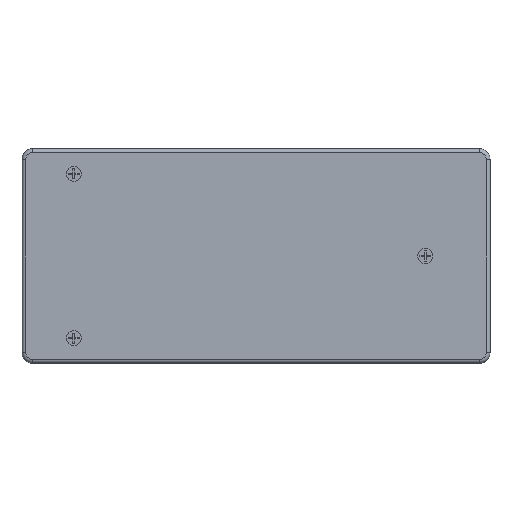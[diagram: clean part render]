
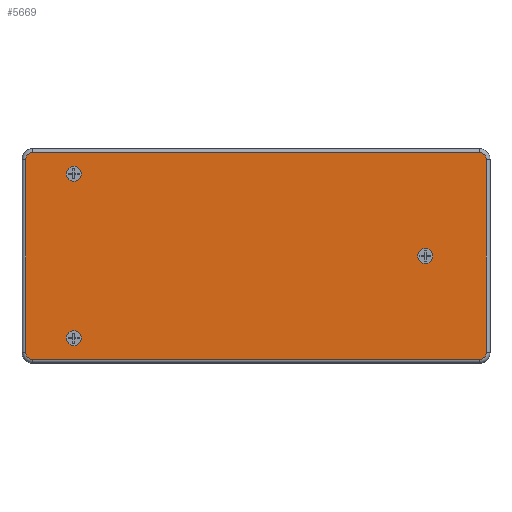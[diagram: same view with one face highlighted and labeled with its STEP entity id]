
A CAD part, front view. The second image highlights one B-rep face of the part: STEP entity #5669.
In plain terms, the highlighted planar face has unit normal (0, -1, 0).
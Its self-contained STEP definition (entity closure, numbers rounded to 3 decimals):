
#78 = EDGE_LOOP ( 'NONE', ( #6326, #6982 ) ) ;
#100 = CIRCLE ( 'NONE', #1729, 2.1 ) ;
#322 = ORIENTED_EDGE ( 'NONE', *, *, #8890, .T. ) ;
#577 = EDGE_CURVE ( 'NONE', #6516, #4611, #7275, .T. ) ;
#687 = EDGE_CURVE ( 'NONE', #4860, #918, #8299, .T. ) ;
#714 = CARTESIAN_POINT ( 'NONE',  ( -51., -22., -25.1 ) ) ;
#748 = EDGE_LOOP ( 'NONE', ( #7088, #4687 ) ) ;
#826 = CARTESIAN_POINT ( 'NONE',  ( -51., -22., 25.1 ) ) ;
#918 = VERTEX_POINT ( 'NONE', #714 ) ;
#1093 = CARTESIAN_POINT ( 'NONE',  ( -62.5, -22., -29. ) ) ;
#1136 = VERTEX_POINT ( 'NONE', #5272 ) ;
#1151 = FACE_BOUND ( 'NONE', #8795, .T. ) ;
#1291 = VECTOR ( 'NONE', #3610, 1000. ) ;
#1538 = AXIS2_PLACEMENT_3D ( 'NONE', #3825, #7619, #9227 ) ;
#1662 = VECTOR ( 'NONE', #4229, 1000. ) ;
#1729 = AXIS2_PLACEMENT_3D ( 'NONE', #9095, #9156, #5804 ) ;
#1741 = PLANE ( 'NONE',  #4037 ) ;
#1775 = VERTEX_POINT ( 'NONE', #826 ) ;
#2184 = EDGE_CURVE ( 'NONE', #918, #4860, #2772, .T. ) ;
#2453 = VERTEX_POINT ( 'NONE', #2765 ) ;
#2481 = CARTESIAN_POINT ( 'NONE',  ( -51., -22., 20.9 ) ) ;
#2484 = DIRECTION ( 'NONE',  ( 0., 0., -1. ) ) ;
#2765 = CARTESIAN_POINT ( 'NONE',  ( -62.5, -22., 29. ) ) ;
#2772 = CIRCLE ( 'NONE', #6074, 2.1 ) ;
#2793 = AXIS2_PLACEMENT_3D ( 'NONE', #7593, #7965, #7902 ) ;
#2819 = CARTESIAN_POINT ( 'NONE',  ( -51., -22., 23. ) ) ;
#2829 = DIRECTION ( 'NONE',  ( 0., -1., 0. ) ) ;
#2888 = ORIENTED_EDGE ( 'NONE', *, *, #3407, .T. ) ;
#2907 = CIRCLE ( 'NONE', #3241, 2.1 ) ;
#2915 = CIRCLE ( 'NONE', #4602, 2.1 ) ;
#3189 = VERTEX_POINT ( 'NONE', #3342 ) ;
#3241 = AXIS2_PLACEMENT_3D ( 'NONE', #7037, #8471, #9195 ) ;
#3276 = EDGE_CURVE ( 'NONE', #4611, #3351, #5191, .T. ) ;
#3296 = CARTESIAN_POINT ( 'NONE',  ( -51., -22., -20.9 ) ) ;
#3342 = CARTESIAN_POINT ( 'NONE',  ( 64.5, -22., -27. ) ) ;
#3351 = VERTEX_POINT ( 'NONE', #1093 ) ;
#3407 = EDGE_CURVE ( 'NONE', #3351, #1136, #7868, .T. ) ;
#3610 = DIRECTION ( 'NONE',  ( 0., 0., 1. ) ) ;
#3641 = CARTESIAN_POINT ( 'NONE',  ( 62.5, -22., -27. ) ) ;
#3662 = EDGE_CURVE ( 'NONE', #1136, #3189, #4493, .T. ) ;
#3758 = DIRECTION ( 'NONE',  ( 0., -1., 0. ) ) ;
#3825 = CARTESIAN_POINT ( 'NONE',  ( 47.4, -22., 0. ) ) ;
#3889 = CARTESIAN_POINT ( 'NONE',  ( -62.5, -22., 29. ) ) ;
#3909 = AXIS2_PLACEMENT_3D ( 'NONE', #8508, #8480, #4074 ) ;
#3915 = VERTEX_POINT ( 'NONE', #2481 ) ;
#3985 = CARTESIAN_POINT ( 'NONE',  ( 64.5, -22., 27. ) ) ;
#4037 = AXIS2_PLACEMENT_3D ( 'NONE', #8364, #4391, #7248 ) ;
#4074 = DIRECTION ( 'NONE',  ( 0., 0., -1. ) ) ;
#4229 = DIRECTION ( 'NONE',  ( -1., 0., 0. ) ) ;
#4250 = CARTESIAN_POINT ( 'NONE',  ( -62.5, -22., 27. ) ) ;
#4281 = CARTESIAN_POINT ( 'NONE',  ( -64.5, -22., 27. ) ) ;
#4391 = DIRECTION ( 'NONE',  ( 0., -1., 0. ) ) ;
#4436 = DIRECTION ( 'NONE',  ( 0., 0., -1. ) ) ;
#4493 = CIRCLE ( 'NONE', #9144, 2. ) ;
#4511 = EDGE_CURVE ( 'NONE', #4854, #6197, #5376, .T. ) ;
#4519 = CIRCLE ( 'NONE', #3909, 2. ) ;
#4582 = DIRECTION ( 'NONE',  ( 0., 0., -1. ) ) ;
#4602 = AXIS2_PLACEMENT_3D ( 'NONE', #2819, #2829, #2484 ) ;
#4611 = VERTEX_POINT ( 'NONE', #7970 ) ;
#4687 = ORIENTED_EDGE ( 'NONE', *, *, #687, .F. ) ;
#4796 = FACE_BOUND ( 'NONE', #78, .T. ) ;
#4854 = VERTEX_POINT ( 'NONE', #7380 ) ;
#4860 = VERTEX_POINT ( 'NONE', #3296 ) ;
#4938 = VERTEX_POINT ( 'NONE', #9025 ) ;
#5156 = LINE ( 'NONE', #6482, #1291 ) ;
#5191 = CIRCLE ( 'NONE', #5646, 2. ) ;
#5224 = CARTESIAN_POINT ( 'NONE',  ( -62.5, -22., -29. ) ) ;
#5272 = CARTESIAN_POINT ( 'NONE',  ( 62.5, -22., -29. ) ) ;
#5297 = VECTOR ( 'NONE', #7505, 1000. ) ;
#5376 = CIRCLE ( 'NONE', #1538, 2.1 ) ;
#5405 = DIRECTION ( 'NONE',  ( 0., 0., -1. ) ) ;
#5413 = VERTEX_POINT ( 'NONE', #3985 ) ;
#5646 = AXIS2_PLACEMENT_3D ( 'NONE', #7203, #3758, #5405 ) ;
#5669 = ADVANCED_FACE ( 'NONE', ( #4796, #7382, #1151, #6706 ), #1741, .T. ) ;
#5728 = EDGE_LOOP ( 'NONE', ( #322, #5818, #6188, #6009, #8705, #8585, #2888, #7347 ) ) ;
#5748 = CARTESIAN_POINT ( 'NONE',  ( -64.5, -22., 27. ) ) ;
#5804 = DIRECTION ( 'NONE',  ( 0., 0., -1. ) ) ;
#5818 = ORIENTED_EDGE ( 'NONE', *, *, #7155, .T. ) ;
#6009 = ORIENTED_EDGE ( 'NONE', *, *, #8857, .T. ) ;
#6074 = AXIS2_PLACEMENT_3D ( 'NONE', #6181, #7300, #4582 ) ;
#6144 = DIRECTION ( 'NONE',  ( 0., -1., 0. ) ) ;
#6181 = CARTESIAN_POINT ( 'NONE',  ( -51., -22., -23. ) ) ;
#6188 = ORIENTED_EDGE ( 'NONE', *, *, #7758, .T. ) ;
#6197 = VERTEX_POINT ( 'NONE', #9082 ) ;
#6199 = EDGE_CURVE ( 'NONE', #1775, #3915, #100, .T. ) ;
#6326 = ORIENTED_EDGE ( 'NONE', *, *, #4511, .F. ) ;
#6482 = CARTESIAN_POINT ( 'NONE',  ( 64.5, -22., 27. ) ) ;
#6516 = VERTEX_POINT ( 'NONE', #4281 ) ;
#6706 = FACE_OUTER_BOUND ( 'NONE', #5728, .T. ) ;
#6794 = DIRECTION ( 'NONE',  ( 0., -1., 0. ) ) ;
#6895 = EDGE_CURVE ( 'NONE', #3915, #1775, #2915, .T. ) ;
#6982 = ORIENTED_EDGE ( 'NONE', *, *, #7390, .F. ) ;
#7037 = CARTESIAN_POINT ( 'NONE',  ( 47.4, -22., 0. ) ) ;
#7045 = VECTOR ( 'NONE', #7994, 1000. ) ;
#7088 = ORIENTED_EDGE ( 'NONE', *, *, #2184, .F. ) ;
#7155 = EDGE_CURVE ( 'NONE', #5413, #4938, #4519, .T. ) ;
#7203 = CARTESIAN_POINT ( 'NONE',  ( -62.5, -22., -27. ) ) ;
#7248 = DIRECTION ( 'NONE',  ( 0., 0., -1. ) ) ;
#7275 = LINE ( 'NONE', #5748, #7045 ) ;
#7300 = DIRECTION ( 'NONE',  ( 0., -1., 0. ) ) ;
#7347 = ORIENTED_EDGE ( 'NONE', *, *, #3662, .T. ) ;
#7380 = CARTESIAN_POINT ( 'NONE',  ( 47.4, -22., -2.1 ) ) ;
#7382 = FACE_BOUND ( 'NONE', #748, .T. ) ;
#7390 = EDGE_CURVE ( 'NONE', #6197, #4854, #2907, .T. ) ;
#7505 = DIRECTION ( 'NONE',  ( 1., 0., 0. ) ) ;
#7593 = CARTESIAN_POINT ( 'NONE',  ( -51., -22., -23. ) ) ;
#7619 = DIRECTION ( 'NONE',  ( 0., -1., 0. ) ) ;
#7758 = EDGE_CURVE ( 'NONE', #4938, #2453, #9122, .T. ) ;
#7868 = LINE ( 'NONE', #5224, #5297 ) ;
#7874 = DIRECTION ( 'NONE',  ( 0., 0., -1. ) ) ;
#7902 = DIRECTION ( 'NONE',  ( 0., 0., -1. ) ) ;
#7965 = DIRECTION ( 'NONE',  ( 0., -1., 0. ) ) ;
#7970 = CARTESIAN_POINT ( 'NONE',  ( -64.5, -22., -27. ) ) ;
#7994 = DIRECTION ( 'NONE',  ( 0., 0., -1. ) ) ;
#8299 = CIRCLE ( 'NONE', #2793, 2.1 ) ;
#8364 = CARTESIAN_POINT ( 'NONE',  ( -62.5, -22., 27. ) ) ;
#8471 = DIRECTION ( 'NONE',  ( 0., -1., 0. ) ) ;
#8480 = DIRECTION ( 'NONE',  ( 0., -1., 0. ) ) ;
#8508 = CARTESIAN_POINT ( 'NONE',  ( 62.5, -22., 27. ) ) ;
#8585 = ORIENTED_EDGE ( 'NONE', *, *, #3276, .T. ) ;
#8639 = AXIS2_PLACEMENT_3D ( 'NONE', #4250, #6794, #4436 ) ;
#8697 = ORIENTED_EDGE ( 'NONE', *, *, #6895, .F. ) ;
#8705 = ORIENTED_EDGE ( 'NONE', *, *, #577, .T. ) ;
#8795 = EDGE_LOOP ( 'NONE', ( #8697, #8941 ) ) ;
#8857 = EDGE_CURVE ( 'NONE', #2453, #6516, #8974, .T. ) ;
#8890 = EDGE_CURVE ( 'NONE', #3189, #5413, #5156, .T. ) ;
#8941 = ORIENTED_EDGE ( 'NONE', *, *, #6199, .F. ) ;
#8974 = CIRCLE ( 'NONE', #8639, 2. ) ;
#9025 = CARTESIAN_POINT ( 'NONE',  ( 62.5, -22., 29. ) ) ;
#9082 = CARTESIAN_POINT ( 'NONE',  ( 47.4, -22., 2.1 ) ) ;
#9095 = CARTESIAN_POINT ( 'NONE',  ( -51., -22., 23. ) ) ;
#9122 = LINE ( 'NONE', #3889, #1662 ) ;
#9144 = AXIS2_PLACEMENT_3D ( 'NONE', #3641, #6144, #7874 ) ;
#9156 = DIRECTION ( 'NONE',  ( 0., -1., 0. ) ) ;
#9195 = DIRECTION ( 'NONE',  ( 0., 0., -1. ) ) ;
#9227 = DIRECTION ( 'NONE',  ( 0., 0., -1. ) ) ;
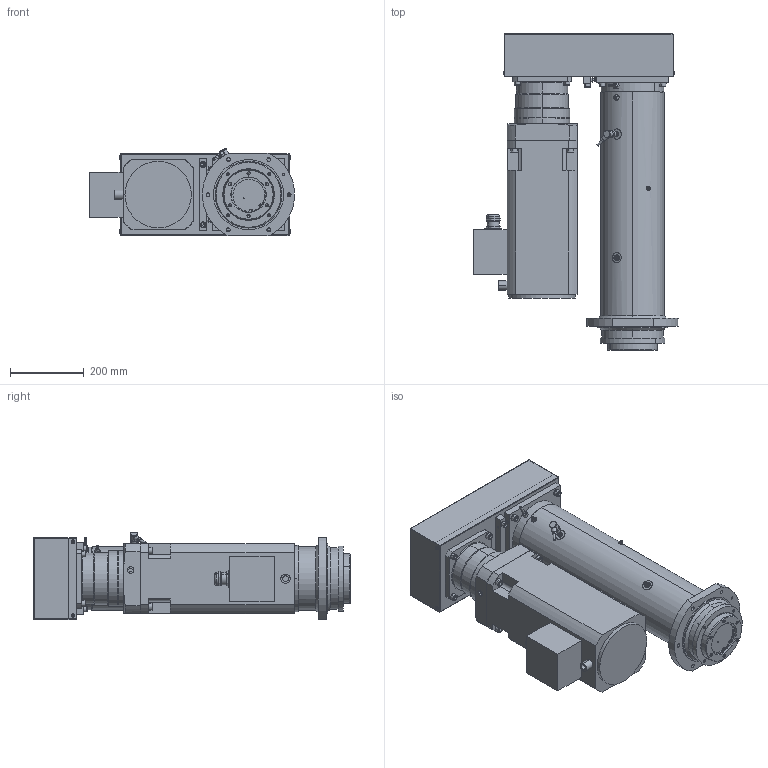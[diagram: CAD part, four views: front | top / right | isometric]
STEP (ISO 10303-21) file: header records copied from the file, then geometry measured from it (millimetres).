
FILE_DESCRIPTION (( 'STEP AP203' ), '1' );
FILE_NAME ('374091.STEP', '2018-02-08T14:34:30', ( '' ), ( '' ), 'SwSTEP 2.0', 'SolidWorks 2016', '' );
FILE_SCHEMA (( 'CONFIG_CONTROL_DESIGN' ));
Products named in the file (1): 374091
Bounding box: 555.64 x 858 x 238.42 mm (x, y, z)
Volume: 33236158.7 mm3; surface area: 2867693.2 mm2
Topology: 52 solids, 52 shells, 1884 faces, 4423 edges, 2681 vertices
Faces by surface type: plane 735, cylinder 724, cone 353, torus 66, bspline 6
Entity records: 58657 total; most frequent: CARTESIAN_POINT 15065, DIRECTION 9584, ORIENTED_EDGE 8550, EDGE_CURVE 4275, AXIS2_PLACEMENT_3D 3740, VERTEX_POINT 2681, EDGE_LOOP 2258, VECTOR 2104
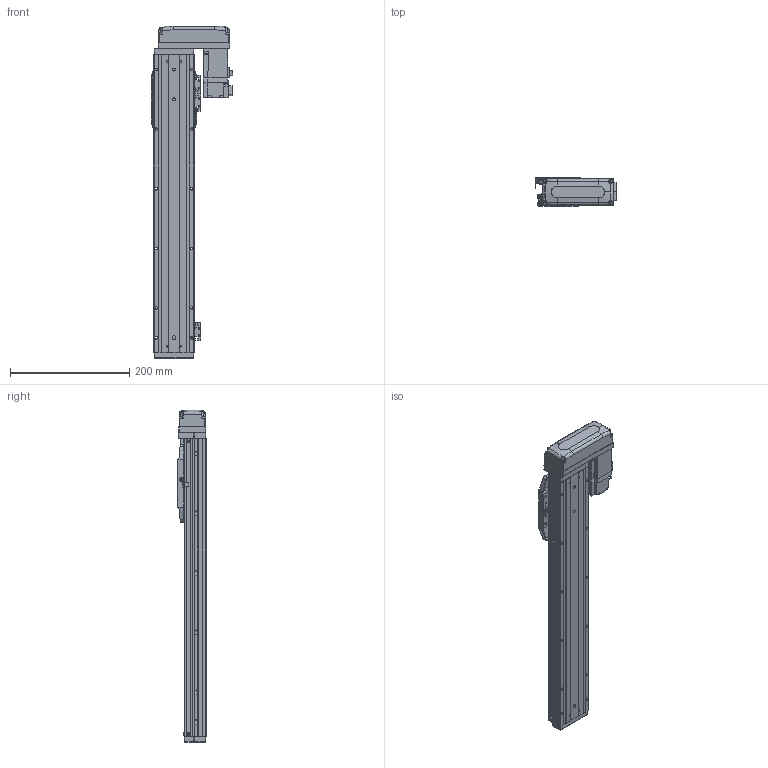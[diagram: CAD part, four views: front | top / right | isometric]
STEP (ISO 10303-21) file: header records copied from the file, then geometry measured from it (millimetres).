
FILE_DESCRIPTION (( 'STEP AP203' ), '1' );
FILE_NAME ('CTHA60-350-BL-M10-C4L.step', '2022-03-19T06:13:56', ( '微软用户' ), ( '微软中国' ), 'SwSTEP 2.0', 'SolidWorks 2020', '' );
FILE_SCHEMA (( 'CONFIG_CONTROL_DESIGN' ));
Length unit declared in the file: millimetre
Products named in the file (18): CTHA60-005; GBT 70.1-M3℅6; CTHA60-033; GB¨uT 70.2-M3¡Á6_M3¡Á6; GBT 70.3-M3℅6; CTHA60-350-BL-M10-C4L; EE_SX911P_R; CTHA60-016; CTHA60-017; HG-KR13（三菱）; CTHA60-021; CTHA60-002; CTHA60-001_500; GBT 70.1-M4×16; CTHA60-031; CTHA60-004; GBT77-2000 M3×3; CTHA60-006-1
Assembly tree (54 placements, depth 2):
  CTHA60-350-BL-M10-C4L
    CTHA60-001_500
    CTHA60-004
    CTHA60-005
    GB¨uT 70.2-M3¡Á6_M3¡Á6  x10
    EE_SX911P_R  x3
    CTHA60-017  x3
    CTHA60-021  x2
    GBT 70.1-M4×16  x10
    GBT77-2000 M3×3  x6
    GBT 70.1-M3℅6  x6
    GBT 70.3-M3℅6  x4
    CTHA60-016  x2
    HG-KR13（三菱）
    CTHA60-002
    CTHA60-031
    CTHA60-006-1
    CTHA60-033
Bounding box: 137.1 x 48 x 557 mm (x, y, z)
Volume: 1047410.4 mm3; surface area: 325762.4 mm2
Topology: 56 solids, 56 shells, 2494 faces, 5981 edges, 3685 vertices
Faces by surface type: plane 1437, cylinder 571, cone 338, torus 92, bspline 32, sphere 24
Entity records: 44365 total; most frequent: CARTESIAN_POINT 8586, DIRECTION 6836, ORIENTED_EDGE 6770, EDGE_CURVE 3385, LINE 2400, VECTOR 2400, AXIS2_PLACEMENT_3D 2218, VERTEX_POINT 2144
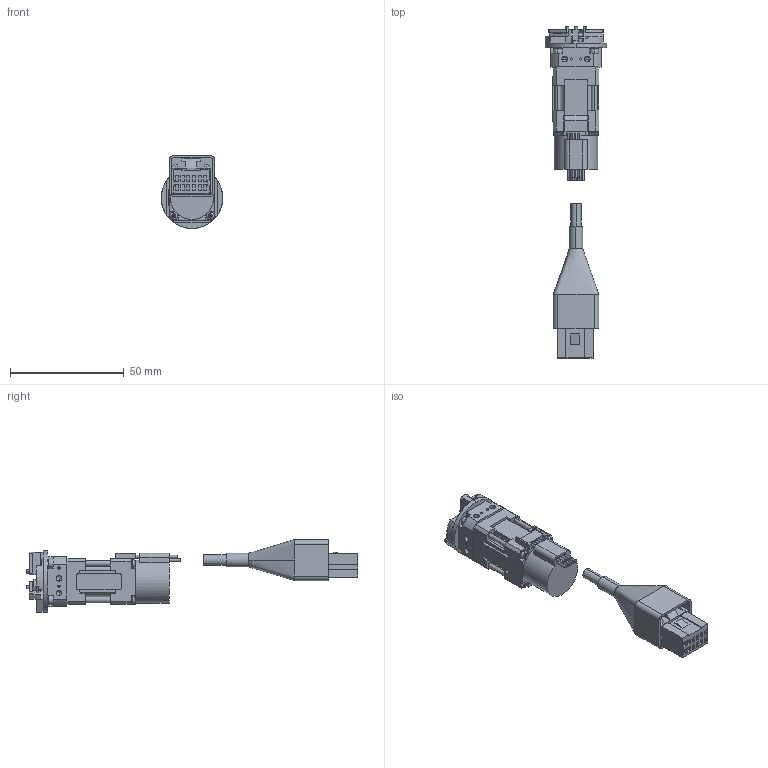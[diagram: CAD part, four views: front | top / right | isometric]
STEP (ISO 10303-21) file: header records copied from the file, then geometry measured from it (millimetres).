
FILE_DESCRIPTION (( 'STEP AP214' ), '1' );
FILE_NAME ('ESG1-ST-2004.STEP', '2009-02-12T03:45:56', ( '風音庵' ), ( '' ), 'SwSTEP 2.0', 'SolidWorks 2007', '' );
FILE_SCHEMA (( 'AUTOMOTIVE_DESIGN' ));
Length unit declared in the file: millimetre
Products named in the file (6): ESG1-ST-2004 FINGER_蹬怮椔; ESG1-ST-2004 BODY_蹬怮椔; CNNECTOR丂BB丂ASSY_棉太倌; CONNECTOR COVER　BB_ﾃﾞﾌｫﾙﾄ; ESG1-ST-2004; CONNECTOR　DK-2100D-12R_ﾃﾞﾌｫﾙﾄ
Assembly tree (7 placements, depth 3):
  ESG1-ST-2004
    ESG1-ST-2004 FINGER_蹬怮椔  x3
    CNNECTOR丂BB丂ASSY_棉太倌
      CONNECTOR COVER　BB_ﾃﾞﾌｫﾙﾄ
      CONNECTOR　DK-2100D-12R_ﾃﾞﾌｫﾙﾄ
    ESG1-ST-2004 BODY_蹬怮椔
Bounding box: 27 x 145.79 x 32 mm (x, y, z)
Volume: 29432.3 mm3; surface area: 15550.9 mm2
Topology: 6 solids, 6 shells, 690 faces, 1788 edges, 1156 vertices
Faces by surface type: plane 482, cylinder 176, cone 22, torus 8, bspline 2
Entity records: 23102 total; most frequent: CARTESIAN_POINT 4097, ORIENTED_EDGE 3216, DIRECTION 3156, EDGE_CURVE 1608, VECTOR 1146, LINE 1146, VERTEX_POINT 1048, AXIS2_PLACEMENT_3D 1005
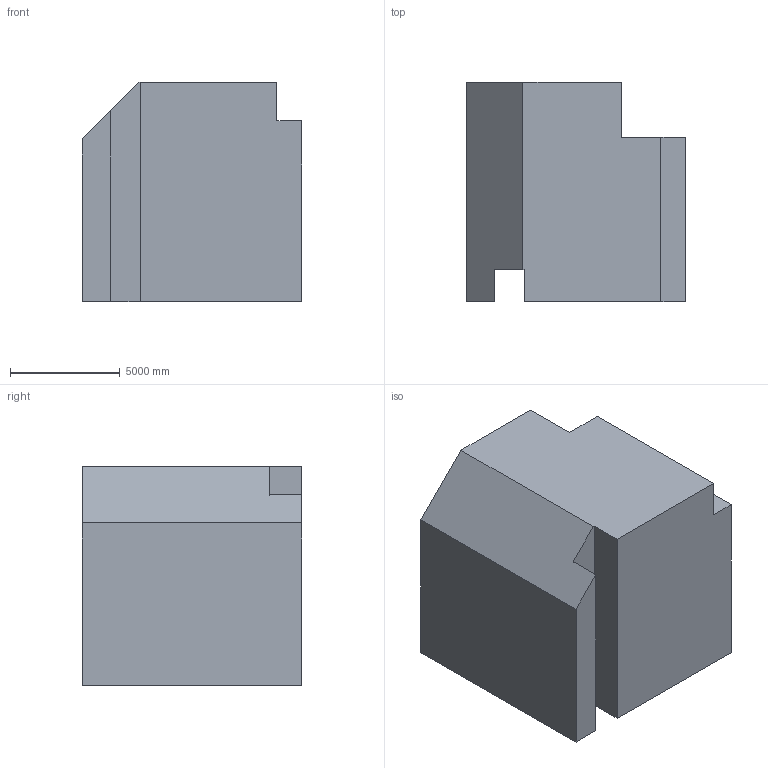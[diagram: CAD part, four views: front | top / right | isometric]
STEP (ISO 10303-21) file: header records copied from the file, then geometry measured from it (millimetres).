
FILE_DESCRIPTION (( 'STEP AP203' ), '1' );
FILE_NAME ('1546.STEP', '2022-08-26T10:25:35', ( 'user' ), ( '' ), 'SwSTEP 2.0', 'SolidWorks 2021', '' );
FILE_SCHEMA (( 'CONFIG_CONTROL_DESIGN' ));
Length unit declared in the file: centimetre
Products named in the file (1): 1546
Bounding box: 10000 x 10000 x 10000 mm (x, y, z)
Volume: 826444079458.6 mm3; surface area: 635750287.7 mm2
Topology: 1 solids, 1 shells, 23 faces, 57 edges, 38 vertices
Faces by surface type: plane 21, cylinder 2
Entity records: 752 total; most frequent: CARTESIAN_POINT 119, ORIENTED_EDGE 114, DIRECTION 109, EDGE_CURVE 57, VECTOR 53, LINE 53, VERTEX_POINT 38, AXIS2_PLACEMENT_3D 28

What to work on →
Write out exactly the lines that fall from the line with "#8471 = DIRECTION" to the line with "#8585 = ORIENTED_EDGE" in the records above, keeping both ends.

Output below →
#8471 = DIRECTION ( 'NONE',  ( 0., -1., 0. ) ) ;
#8480 = DIRECTION ( 'NONE',  ( 0., -1., 0. ) ) ;
#8508 = CARTESIAN_POINT ( 'NONE',  ( 62.5, -22., 27. ) ) ;
#8585 = ORIENTED_EDGE ( 'NONE', *, *, #3276, .T. ) ;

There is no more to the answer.